Twenty-two rats were tested with L-838,417 in the sociability tests; n = 8, 7, 7 in the 0, 1.5 and 3.0 mg/kg drug groups, respectively.

L-838,417 did not affect the total time rats engaged in social interactions (F(2,19) = 0.26, P > 0.05; Figure 2J–K). The number of behaviors engaged in differed across categories (F(3, 57) = 158.44); rats engaged in more bouts of sniffing than any other behavior (all P < 0.05). There was no effect of L-838,417 dose on social behavior (F(2,19) = 0.46, P > 0.05) nor was there a dose X behavior interaction (F(6,57) = 1.35, P > 0.05).

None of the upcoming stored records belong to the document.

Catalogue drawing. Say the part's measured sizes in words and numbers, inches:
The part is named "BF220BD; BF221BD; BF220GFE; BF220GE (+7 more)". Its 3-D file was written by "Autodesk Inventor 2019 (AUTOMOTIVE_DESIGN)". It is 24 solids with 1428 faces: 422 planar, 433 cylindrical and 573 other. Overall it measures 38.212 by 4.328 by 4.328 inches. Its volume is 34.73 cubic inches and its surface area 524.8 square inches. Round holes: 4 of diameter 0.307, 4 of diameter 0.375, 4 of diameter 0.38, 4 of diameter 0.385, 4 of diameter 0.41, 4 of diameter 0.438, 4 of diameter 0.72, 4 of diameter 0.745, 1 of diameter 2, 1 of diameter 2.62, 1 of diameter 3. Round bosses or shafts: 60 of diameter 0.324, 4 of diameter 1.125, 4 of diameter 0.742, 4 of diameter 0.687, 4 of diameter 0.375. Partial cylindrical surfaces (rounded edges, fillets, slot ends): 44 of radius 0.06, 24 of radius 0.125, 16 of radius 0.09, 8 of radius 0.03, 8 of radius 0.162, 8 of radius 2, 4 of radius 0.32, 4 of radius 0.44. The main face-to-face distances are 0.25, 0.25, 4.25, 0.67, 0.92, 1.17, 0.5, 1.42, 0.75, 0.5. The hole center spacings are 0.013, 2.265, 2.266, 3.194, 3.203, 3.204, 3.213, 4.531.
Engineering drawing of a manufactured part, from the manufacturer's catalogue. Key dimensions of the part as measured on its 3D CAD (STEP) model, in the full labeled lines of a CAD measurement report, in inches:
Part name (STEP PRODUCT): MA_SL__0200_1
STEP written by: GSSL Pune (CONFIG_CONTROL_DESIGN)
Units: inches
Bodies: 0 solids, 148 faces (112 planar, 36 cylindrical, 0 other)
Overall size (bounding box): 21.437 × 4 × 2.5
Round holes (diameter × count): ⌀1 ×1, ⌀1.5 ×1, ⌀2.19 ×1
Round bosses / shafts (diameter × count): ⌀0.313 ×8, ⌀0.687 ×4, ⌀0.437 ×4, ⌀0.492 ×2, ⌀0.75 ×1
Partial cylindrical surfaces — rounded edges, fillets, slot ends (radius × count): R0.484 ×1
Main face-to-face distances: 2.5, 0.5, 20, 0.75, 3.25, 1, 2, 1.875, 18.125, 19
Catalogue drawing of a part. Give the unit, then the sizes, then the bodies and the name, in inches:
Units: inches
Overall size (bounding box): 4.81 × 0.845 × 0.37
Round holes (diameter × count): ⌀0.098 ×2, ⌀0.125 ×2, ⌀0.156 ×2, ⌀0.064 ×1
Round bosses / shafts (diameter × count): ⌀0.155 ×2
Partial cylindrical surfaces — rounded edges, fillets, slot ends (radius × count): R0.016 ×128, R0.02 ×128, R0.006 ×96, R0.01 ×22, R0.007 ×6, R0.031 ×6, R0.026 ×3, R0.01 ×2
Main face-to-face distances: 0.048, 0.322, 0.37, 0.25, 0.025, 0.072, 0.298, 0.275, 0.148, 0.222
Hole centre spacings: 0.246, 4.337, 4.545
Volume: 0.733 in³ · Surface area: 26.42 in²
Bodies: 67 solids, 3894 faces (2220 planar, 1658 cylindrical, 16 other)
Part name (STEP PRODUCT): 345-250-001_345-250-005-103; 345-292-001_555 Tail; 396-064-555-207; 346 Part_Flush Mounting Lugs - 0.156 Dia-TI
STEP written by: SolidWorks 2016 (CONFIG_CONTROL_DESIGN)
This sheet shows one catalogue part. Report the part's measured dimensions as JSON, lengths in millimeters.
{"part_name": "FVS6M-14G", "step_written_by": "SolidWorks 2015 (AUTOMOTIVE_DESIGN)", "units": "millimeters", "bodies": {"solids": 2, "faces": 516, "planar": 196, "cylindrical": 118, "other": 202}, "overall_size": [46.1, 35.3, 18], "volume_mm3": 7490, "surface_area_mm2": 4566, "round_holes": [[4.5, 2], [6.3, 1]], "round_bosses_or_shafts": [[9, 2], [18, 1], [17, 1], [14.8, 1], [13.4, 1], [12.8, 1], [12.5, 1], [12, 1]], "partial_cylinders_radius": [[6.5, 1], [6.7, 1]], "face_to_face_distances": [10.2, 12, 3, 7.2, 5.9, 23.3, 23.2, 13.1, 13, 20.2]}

In the social preference test, all rats spent more time in the location of the social stimulus than the non-social stimulus (F(1, 19) = 24.91, P < 0.05; Figure 2L); this was not affected by L-838,417 dose (neither the main effect or interaction, F < 1.95, P < 0.05). Furthermore, L-838,417 did not affect the social preference index (F(2, 19) = 1.78, P > 0.05; Table 1).

3.1.2. Sucrose Preference Test

3.1.2.1. FG7142

The effects of FG7142 on sucrose preference are depicted in Figure 3A–B and Table 1. During habituation, all rats preferred to drink the 1% sucrose solution to water (F(1, 18) = 12.20, P < 0.05; Figure 3A); this was not affected by condition (no main effect of group or interaction, both F < 1.99, P > 0.05). Furthermore, there was no effect of FG7142 on the sucrose preference index (F < 1.00, P > 0.05; Table 1).

Figure 3.

Effects of FG7142 (A-B), L-655,708 (C-D), MRK-016 (E-F) and L-838,417 (G-H) on consumption of water and sucrose during the habituation and test phases of the sucrose intake test. During habituation, all rats preferred the 1% sucrose solution to water but rats to be treated with 2.0 mg/kg MRK-016 drank less water than rats in the corresponding saline group. During the test session, FG7142 reduced sucrose consumption relative to vehicle but did not affect consumption of water. None of the other drugs affected sucrose intake during the test session. *P < 0.05 relative to vehicle, ^#P < 0.05 relative to water.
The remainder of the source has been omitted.